◆ **THE TASK**: Will you output all of the data below exactly, omitting the images?

◆ **Stored dataset items**:
▬▬▬▬▬▬▬▬▬▬
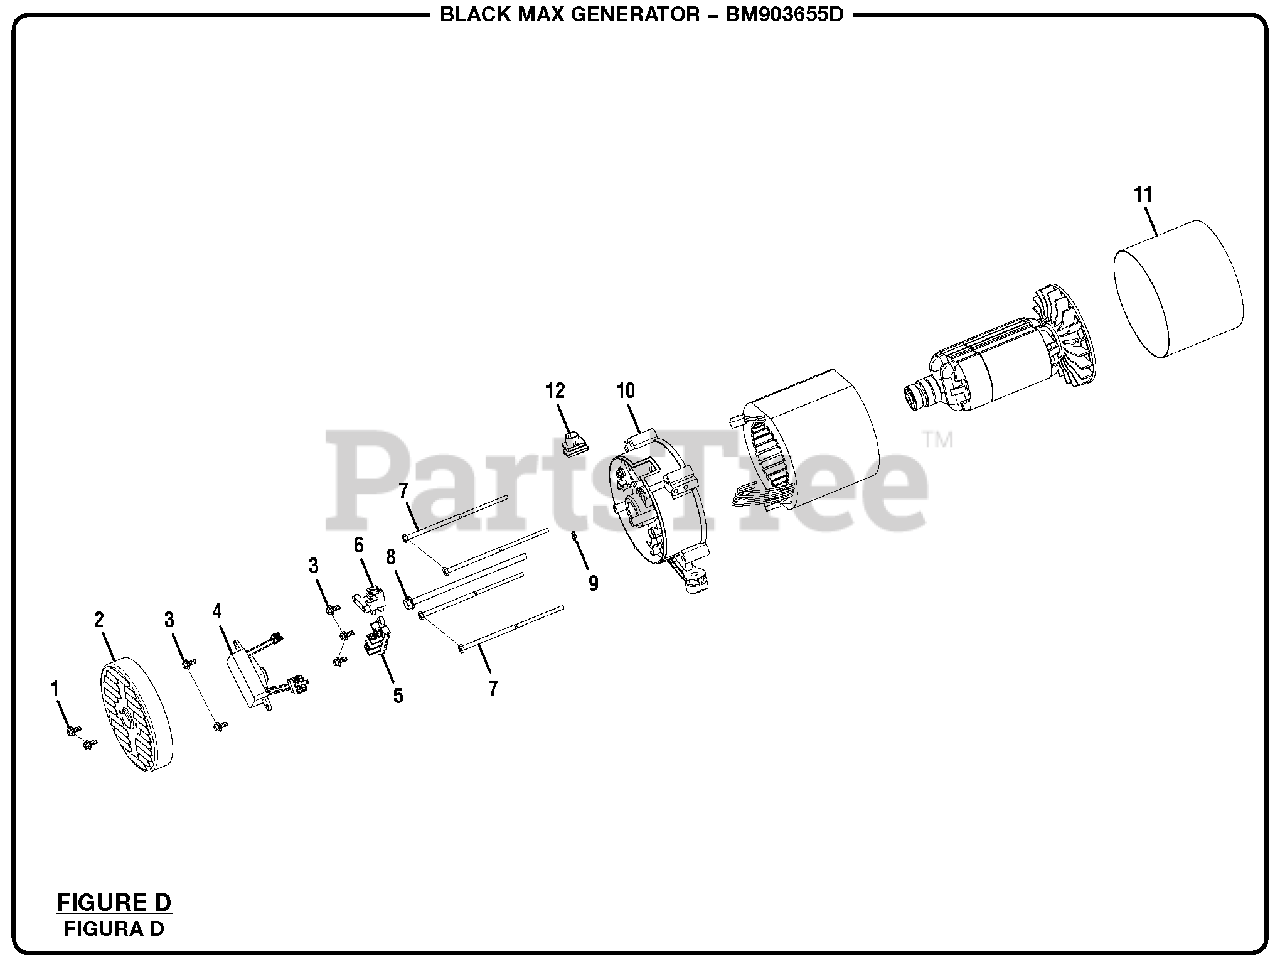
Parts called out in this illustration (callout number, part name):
1	Bolt (M5 x 12 mm, Hex Hd)
2	Brush Cover
3	Bolt (M5 x 16 mm, Hex Hd)
4	Automatic Voltage Regulator
5	Terminal Block
6	Brush Assembly
7	Stator Bolt
8	Rotor Bolt
9	Lock Washer (5/16 in)
10	Bearing Support
12	Rubber Boot
▬▬▬▬▬▬▬▬▬▬
◆ **EXPECTED OUTPUT**:
Parts called out in this illustration (callout number, part name):
1	Bolt (M5 x 12 mm, Hex Hd)
2	Brush Cover
3	Bolt (M5 x 16 mm, Hex Hd)
4	Automatic Voltage Regulator
5	Terminal Block
6	Brush Assembly
7	Stator Bolt
8	Rotor Bolt
9	Lock Washer (5/16 in)
10	Bearing Support
12	Rubber Boot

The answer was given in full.